## Heatmap: Action probability in the policy
### Overview
The image compares action probabilities in a policy across two methods ("Ours" and "PPO-Lagrangian") for two scenarios: "Fill 1 at 4 positions" and "Fill 2 at 4 positions". The left side shows two diagrams illustrating grid-based actions, while the right side contains heatmaps with numerical values and a color scale.
### Components/Axes
- **Main Title**: "Action probability in the policy"
- **Left Diagrams**:
- Top: Grid with diagonal line in top-left quadrant (labeled "Fill 1 at row 2 col 1")
- Bottom: Grid with two diagonal lines in first column (same label)
- Arrow connects diagrams to right-side tables
- **Right Tables**:
- **Rows**: "Ours" (top), "PPO-Lagrangian" (bottom)
- **Columns**:
- "Fill 1 at 4 positions" (left)
- "Fill 2 at 4 positions" (right)
- **Color Scale**:
- Vertical bar on right (0.00 to 0.40)
- Darker blue = higher probability
### Detailed Analysis
#### "Ours" Method
- **Fill 1 at 4 positions**:
- Top-left: 0.2503 (dark blue)
- Bottom-right: 0.2496 (medium blue)
- **Fill 2 at 4 positions**:
- Top-right: 0.2502 (dark blue)
- Bottom-left: 0.2499 (medium blue)
#### "PPO-Lagrangian" Method
- **Fill 1 at 4 positions**:
- Top-left: 0.1385 (light blue)
- Bottom-right: 0.1384 (light blue)
- **Fill 2 at 4 positions**:
- Top-right: 0.1381 (light blue)
- Bottom-left: 0.1383 (light blue)
### Key Observations
1. **Probability Disparity**: "Ours" consistently shows 2x higher probabilities than PPO-Lagrangian across all positions.
2. **Positional Variation**:
- "Ours" shows slight differences between positions (e.g., 0.2503 vs 0.2496 in Fill 1)
- PPO-Lagrangian values are nearly identical across positions (0.1381-0.1385)

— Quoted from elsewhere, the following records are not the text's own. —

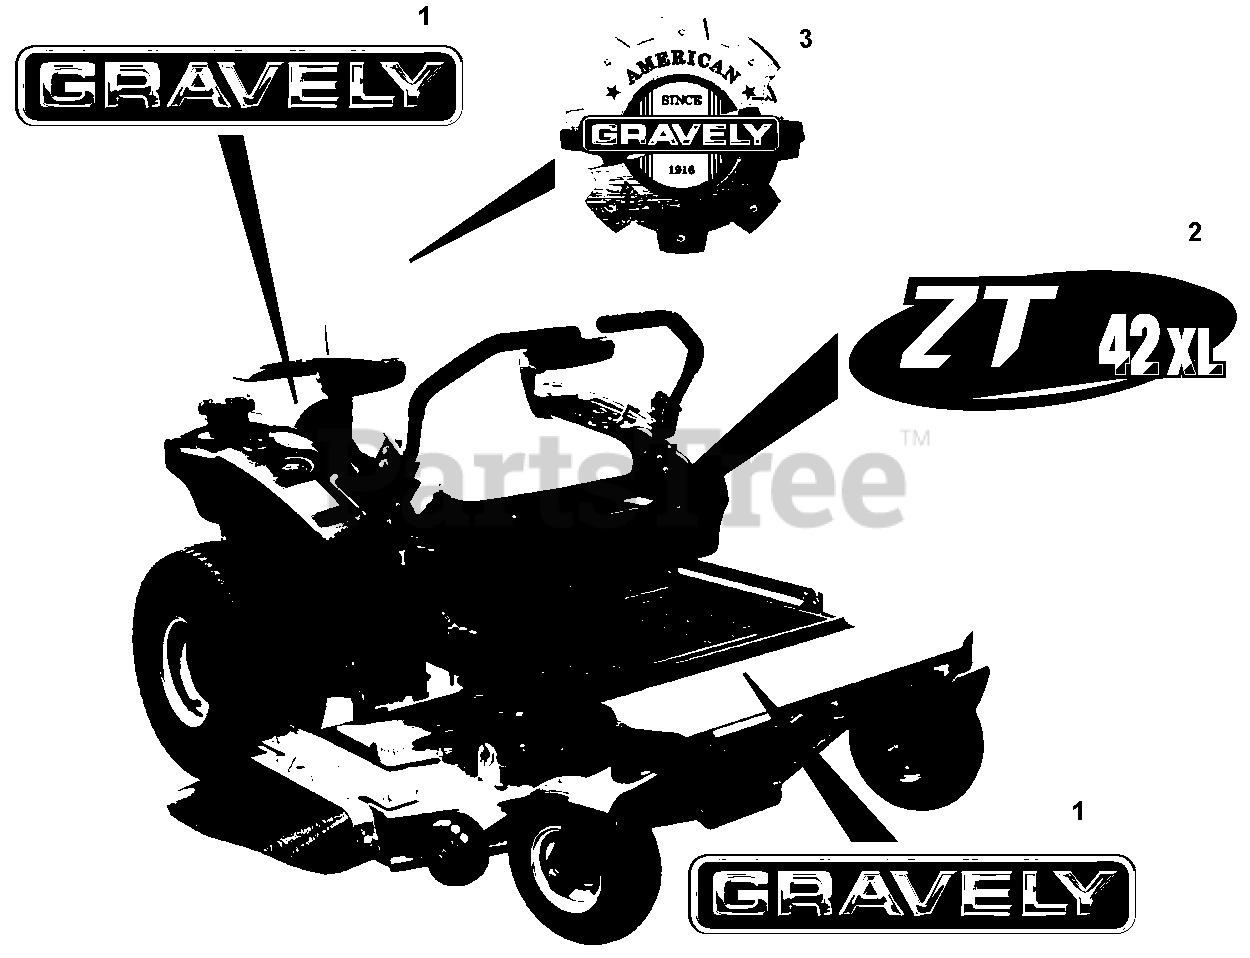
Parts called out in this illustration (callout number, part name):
1	Decal, Gravely Logo
2	Decal, 42 ZT XL
2	Decal, 48 ZT XL
2	Decal, 54 ZT XL
3	Decal, Gravely American Heritage
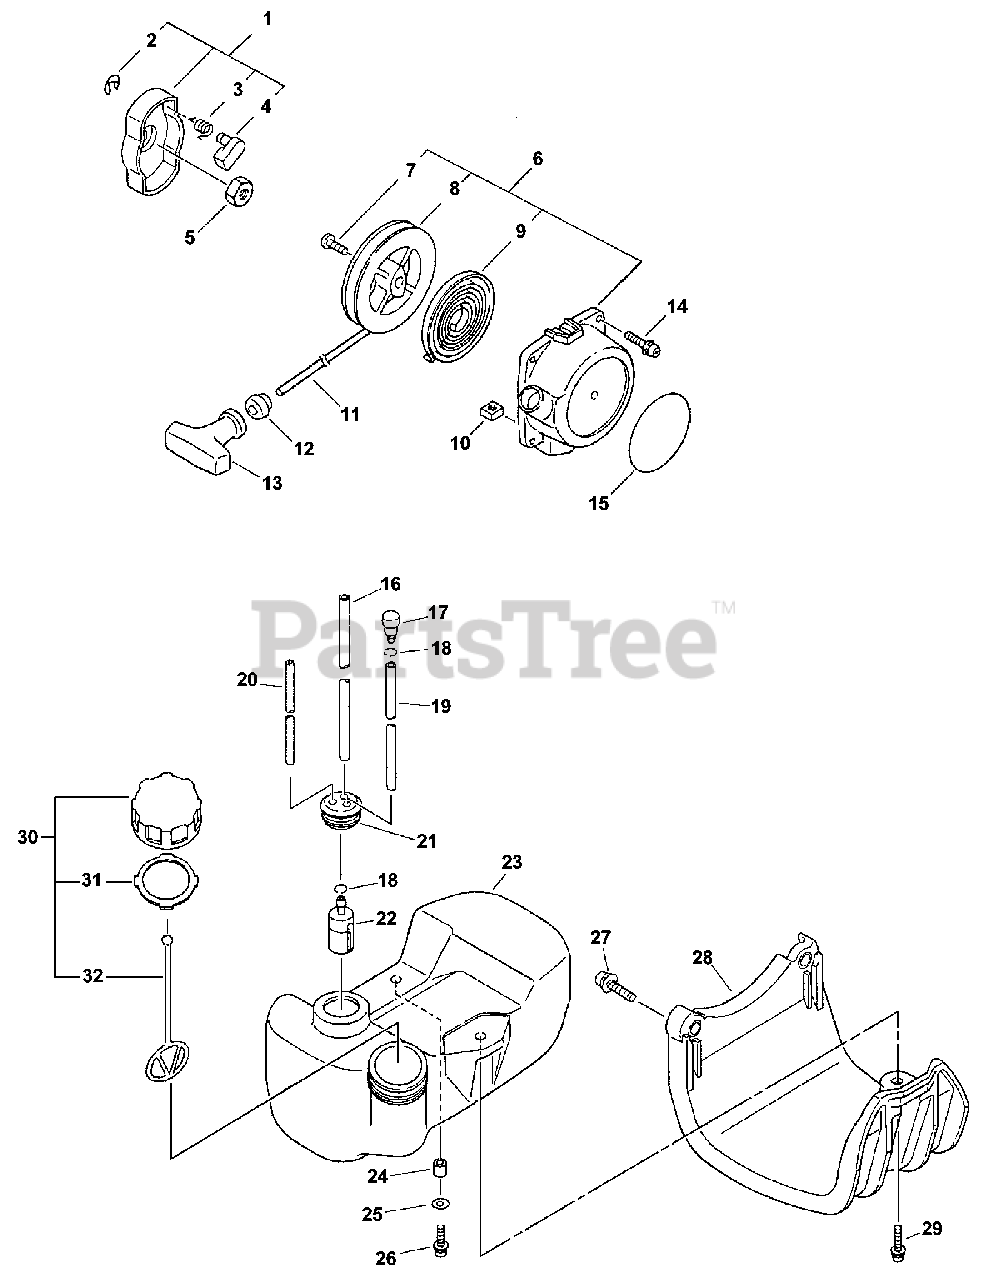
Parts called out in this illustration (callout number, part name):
1	STARTER PAWL ASSY
2	RING, RETAINING - 4
3	SPRING, RETURN
4	PAWL, STARTER
6	STARTER ASSY
8	REEL, ROPE
9	SPRING, REWIND
10	NUT - 5 -- SQUARE
11	ROPE, STARTER - 3.5X850
12	GUIDE, ROPE
13	GRIP, STARTER
14	SCREW - 4X12
15	LABEL - ECHO
16	PIPE, FUEL - SPIRAL
17	VENT, FUEL TANK
18	CLIP - 6.5
19	PIPE - 3X6X115 -- BLACK
20	PIPE - 3X6X80 -- CLEAR
21	GROMMET
22	FILTER, FUEL
23	FUEL TANK ASSY
25	WASHER - 5
26	SCREW - 5X16
27	SCREW - 5X22
28	GUARD, FUEL TANK
29	SCREW - 5X20
30	CAP ASSY - ORANGE
31	GASKET, CAP
32	CONNECTOR, CAP

3. **Color Consistency**: Darker blue in "Ours" matches higher values (0.25) vs lighter blue in PPO-Lagrangian (0.138)
### Interpretation
The data demonstrates that the "Ours" policy assigns significantly higher action probabilities to specific grid positions compared to PPO-Lagrangian. The heatmaps reveal:
- **Selective Focus**: "Ours" prioritizes certain positions (e.g., top-left in Fill 1) with near-maximum probabilities
- **Uniform Distribution**: PPO-Lagrangian maintains nearly identical probabilities across all positions, suggesting a more generalized approach
- **Policy Effectiveness**: The 2x probability difference implies "Ours" may be more efficient at targeting specific actions in this grid-based task
The diagrams on the left visually represent the action selection process, with the arrow indicating the transformation from initial state (single diagonal line) to policy output (dual lines in "Ours" method). This spatial grounding connects the abstract probability values to concrete grid-based actions.